START THE DATA

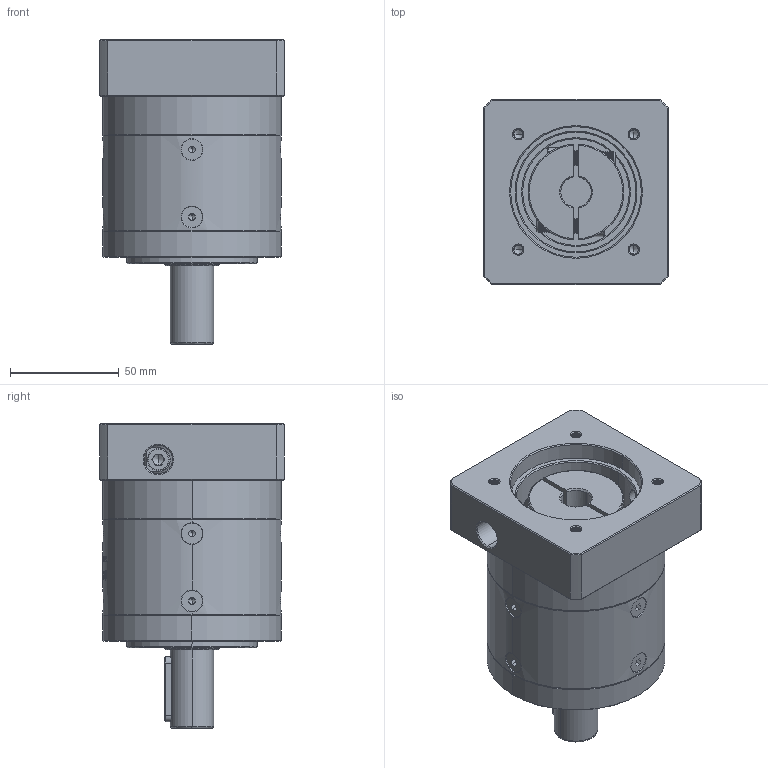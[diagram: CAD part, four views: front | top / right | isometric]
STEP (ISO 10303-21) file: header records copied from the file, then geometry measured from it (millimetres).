
FILE_DESCRIPTION (( 'STEP AP214' ), '1' );
FILE_NAME ('ZE80-D20-L1-14-60-75-M5.step', '2022-05-08T05:49:49', ( '' ), ( 'Microsoft' ), 'SwSTEP 2.0', 'SolidWorks 2016', '' );
FILE_SCHEMA (( 'AUTOMOTIVE_DESIGN' ));
Length unit declared in the file: millimetre
Products named in the file (1): ZE80-D20-L1-14-60-75-M5
Bounding box: 85 x 85 x 140 mm (x, y, z)
Volume: 530108.9 mm3; surface area: 84680.4 mm2
Topology: 13 solids, 13 shells, 2073 faces, 5403 edges, 3419 vertices
Faces by surface type: plane 891, cylinder 500, cone 333, bspline 332, torus 17
Entity records: 118779 total; most frequent: CARTESIAN_POINT 49455, ORIENTED_EDGE 10730, DIRECTION 8265, EDGE_CURVE 5365, VERTEX_POINT 3419, VECTOR 2869, LINE 2869, AXIS2_PLACEMENT_3D 2698

END THE DATA

YOUR INSTRUCTIONS: A verbatim copy of the entries, stripped of pictures, should be produced.

SOLVED PROBLEM:
[diagram: CAD part, four views: front | top / right | isometric]
STEP (ISO 10303-21) file: header records copied from the file, then geometry measured from it (millimetres).
FILE_DESCRIPTION (( 'STEP AP214' ), '1' );
FILE_NAME ('ZE80-D20-L1-14-60-75-M5.step', '2022-05-08T05:49:49', ( '' ), ( 'Microsoft' ), 'SwSTEP 2.0', 'SolidWorks 2016', '' );
FILE_SCHEMA (( 'AUTOMOTIVE_DESIGN' ));
Length unit declared in the file: millimetre
Products named in the file (1): ZE80-D20-L1-14-60-75-M5
Bounding box: 85 x 85 x 140 mm (x, y, z)
Volume: 530108.9 mm3; surface area: 84680.4 mm2
Topology: 13 solids, 13 shells, 2073 faces, 5403 edges, 3419 vertices
Faces by surface type: plane 891, cylinder 500, cone 333, bspline 332, torus 17
Entity records: 118779 total; most frequent: CARTESIAN_POINT 49455, ORIENTED_EDGE 10730, DIRECTION 8265, EDGE_CURVE 5365, VERTEX_POINT 3419, VECTOR 2869, LINE 2869, AXIS2_PLACEMENT_3D 2698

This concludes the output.